Bernard Magnier reprend ensuite les grandes périodes de la littérature d’Afrique, depuis l’émergence des plumes nourries des paradoxes culturels de la colonisation, suivies par celles des indépendances puis de leurs désillusions. Ensuite il rend à l’écriture ce qui lui revient : l’universalité. Il évoque ces générations d’auteurs qui ne se sentent plus la nécessité de dire les Afriques, au pluriel ou au singulier, mais veulent, comme d’autres, parler du monde [3]. On retrouve le Bernard Magnier d’articles sur ces « plumes expatriées » qu’il côtoie dans son métier d’éditeur. [4].
Curieux, attentif, l’homme participe à l’existence de lieux où ces auteurs peuvent être vus. Il est l’animateur et le programmateur du festival des littératures métisses [5], il rédige le journal du Tarmac, théâtre militant dédié à la scène « contemporaine francophone non hexagonale ». Et bien sûr il se rend sur place, comme devant les étudiants de Barikadimy qui, au rebours des stéréotypes sur la réserve malgache, le questionnent et s’accrochent à celui qui les exhorte à « lire, lire et lire ». Disant cela il sait très bien combien l’accès au livre est rare, onéreux, et souvent en régression. L’éditeur participe d’ailleurs à l’initiative de coéditions d’ouvrages plus accessibles réservés au continent africain.
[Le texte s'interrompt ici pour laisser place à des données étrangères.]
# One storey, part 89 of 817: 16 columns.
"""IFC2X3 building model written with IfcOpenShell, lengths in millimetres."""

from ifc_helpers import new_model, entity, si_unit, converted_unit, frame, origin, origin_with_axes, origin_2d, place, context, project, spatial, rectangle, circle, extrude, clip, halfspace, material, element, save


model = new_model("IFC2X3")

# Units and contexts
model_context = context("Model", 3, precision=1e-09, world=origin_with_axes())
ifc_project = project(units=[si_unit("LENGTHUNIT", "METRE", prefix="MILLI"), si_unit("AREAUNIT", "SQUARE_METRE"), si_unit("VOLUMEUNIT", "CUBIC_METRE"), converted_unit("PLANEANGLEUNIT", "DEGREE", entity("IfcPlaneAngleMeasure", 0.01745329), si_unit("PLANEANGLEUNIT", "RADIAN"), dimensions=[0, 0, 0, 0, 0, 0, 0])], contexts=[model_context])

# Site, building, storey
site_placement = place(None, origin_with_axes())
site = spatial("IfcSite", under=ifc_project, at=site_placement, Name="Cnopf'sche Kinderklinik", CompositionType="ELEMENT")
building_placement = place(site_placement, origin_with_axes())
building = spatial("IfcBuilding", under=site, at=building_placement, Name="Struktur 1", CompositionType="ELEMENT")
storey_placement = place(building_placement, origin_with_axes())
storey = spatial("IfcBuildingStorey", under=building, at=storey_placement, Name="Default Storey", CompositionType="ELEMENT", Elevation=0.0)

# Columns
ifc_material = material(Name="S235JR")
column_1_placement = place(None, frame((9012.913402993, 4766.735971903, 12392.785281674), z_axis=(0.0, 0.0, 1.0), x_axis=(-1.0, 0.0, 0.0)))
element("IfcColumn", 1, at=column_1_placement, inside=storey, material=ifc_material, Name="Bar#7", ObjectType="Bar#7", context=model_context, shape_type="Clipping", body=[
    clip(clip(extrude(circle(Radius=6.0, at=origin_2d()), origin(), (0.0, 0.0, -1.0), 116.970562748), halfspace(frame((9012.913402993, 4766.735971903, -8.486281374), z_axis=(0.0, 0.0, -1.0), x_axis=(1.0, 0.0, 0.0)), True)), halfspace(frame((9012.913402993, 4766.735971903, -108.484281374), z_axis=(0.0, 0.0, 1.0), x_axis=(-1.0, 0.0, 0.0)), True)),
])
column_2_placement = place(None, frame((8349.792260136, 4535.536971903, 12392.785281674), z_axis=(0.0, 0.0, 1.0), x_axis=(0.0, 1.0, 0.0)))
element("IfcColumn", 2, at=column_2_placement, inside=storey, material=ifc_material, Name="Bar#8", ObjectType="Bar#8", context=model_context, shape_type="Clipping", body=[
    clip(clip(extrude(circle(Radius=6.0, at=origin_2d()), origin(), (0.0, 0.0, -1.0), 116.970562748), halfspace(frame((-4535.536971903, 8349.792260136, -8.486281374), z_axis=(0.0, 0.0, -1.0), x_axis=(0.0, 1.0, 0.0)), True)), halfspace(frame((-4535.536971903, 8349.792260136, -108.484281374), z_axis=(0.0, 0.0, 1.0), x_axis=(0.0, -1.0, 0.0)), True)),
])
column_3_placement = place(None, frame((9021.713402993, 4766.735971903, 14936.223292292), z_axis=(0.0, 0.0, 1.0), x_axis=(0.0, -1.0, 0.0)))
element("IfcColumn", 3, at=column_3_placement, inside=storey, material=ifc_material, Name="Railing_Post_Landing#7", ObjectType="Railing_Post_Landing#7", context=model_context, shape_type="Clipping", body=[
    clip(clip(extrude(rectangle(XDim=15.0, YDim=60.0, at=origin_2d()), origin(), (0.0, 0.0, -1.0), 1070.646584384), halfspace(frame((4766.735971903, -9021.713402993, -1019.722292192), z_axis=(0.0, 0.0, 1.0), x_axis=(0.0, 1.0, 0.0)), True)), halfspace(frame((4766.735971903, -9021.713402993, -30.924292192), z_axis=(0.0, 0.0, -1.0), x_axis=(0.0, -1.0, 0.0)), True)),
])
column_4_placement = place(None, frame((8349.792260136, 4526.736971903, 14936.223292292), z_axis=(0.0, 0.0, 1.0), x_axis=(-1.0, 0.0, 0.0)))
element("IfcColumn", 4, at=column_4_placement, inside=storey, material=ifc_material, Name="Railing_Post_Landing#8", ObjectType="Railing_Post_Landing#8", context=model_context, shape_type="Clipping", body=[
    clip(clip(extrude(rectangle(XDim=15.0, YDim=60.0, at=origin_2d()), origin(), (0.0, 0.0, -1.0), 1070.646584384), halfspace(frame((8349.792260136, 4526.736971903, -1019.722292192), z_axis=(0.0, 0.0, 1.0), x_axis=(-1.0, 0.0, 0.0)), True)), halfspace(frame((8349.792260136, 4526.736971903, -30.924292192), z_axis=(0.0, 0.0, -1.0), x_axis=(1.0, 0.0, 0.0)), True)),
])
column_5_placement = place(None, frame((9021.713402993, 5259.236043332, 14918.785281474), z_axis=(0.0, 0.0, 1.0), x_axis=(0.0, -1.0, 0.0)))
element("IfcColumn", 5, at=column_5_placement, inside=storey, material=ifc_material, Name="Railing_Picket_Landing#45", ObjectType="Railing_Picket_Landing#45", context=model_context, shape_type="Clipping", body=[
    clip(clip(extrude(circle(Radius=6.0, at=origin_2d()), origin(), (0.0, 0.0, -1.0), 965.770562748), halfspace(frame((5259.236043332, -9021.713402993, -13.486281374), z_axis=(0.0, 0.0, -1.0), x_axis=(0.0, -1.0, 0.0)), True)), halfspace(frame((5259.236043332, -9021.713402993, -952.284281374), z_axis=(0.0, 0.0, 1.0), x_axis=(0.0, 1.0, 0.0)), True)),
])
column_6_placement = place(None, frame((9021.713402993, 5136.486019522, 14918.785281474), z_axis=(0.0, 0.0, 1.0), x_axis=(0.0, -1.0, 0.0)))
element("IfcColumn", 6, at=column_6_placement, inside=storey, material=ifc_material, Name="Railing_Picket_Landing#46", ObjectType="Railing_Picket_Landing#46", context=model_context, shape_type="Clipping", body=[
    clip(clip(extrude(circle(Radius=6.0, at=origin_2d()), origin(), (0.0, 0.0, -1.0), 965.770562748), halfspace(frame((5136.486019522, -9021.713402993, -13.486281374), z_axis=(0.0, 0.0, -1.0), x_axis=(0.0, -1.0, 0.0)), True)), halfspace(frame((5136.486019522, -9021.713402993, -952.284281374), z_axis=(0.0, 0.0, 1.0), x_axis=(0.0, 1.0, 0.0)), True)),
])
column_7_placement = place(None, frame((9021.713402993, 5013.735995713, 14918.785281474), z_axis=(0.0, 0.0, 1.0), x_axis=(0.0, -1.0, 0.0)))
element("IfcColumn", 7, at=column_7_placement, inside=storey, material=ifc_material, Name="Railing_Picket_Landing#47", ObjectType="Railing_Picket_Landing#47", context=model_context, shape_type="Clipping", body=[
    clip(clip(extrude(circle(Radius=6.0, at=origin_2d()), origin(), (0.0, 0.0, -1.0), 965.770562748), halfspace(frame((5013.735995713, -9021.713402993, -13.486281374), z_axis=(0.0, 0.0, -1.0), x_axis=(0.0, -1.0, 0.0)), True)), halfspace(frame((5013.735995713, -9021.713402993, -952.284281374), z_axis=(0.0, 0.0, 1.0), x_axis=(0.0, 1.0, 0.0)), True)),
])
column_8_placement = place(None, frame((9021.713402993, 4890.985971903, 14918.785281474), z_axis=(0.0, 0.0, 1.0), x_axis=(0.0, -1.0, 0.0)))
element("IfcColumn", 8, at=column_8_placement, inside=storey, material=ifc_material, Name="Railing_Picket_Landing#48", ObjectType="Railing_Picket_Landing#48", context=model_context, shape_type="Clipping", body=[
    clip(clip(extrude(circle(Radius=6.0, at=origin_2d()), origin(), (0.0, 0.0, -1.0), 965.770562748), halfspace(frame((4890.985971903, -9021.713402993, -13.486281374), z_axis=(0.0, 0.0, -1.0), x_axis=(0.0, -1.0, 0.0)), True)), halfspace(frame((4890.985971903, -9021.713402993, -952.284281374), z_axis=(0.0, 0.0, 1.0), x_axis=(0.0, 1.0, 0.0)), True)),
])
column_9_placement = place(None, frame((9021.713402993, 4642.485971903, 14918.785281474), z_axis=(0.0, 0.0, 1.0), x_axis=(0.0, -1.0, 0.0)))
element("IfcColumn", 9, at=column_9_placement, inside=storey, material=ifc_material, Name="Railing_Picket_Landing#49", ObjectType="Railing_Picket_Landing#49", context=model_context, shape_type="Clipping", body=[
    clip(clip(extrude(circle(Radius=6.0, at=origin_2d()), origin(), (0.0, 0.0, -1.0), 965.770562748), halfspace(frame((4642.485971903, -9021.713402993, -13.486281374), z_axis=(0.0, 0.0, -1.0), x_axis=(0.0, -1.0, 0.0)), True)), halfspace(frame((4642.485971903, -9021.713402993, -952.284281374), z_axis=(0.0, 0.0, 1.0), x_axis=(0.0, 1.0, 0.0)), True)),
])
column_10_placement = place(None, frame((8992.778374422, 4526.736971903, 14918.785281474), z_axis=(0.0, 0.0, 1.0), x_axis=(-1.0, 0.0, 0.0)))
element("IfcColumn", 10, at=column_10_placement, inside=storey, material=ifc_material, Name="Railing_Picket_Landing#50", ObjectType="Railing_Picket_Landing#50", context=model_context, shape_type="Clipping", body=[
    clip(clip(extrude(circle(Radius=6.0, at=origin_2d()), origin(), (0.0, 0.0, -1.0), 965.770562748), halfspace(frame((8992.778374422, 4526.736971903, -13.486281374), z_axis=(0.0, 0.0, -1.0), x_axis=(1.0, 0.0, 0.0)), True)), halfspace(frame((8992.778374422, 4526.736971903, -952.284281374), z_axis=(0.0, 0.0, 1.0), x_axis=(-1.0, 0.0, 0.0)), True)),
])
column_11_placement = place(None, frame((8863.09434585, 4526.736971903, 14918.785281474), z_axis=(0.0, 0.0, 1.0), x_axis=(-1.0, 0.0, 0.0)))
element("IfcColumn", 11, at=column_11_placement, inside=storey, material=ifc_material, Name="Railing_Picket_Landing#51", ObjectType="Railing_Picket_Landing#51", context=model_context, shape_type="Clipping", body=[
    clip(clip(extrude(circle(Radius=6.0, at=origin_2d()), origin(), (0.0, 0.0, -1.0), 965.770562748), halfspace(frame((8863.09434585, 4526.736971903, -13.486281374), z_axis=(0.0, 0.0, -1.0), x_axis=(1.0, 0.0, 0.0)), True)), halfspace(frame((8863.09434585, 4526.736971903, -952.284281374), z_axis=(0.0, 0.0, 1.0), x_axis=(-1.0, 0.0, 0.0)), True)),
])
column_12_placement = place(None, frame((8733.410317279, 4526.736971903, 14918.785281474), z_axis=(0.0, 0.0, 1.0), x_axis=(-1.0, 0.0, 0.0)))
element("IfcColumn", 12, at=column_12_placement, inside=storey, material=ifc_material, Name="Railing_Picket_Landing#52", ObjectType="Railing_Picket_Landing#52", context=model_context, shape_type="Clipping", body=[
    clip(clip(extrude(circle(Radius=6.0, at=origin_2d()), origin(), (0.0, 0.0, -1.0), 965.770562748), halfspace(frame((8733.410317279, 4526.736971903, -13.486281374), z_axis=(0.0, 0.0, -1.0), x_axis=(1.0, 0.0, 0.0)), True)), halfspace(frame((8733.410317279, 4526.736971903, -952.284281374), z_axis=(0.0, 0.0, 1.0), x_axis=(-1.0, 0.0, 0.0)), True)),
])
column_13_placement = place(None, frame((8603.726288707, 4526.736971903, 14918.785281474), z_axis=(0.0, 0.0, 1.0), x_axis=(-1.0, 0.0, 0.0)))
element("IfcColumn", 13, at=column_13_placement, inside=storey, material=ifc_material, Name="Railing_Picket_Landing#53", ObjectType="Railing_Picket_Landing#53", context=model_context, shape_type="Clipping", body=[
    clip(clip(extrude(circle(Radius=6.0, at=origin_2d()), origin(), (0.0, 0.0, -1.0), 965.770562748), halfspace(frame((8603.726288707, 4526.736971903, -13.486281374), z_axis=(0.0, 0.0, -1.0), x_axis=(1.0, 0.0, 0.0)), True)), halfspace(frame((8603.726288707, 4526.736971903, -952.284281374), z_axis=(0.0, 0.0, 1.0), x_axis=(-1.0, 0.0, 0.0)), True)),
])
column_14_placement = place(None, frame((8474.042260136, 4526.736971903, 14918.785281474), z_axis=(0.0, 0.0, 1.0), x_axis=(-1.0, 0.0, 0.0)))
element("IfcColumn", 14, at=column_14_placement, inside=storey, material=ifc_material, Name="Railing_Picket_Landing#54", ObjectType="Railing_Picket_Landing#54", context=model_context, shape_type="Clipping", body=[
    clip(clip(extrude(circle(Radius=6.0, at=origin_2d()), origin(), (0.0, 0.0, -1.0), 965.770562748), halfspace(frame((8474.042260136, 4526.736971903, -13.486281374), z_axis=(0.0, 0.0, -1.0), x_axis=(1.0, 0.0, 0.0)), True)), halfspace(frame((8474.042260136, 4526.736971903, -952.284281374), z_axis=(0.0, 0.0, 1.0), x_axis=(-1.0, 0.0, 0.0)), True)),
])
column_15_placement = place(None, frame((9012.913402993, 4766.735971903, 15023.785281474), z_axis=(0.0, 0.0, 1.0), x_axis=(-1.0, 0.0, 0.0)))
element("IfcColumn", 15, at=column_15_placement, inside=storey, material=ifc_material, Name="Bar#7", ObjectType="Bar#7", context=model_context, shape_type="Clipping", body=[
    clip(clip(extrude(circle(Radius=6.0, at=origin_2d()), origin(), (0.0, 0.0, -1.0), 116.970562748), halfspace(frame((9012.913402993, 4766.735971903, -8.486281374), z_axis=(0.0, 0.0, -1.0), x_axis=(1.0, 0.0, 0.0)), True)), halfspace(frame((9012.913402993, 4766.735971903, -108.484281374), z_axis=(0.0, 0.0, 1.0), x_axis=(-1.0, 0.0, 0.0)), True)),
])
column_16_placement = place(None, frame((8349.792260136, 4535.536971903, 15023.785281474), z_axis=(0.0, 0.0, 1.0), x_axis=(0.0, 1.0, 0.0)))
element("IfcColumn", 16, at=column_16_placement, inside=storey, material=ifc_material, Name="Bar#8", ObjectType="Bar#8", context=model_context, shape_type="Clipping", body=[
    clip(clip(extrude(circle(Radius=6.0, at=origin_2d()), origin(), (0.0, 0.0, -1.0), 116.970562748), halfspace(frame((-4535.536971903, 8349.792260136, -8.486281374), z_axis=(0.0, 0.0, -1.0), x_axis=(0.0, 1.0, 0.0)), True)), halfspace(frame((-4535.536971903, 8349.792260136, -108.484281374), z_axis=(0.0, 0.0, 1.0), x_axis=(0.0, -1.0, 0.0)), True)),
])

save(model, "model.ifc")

Sa principale réussite, cet après-midi sous la chaleur des tôles, tient surtout à son enthousiasme à parler de sa passion pour les livres. Ces objets souvent poussiéreux, auréolés d’humidité, quand ils ont survécu dans les rarissimes bibliothèques, deviennent des intimes, des copains à inviter, des compagnons de voyage, quand il se penche vers son auditoire en complice malin. Volubile, intarissable, il évite toujours l’écueil du phraseur pour rester un lecteur espiègle qui, sans le dire franchement, fait un pied de nez à la façade clinquante d’un monde repu de son inanité.
25 mars 2012
[1] Lettres Africaines chez Actes Sud
[2] bien sûr lire et relire En attendant le vote des bêtes sauvages, Allah n’est pas obligé. A la langue s’ajoute une narration et un traitement du réel indescriptibles. Ces particularismes, sans qu’ils se ressemblent, se retrouvent chez Patrice Nganang, pour évoquer un auteur actuel
[3] quand par exemple Kossi Efoui affirme "je ne suis pas un auteur africain" in Courrier International, 12/2011
[4] "Beurs noirs à Black Babel" in Notre librairie, n°63, 1990, pp.102-103, cité par Boniface Mongo-Mboussa dans l’indocilité/supplément au Désir d’Afrique, Gallimard, 2005. D’ailleurs aux études et anthologies telles que celles de Jacques Chevrier qui explore ce territoire depuis 40 ans, on peut ajouter les deux essais de Boniface Mongo-Mboussa, incisives et stimulantes promenades en littératures d’Afrique
[5] les 25, 26 et 27 mai à Angoulême, en même temps que le festival étonnants voyageurs de St Malo, avoue-t-il.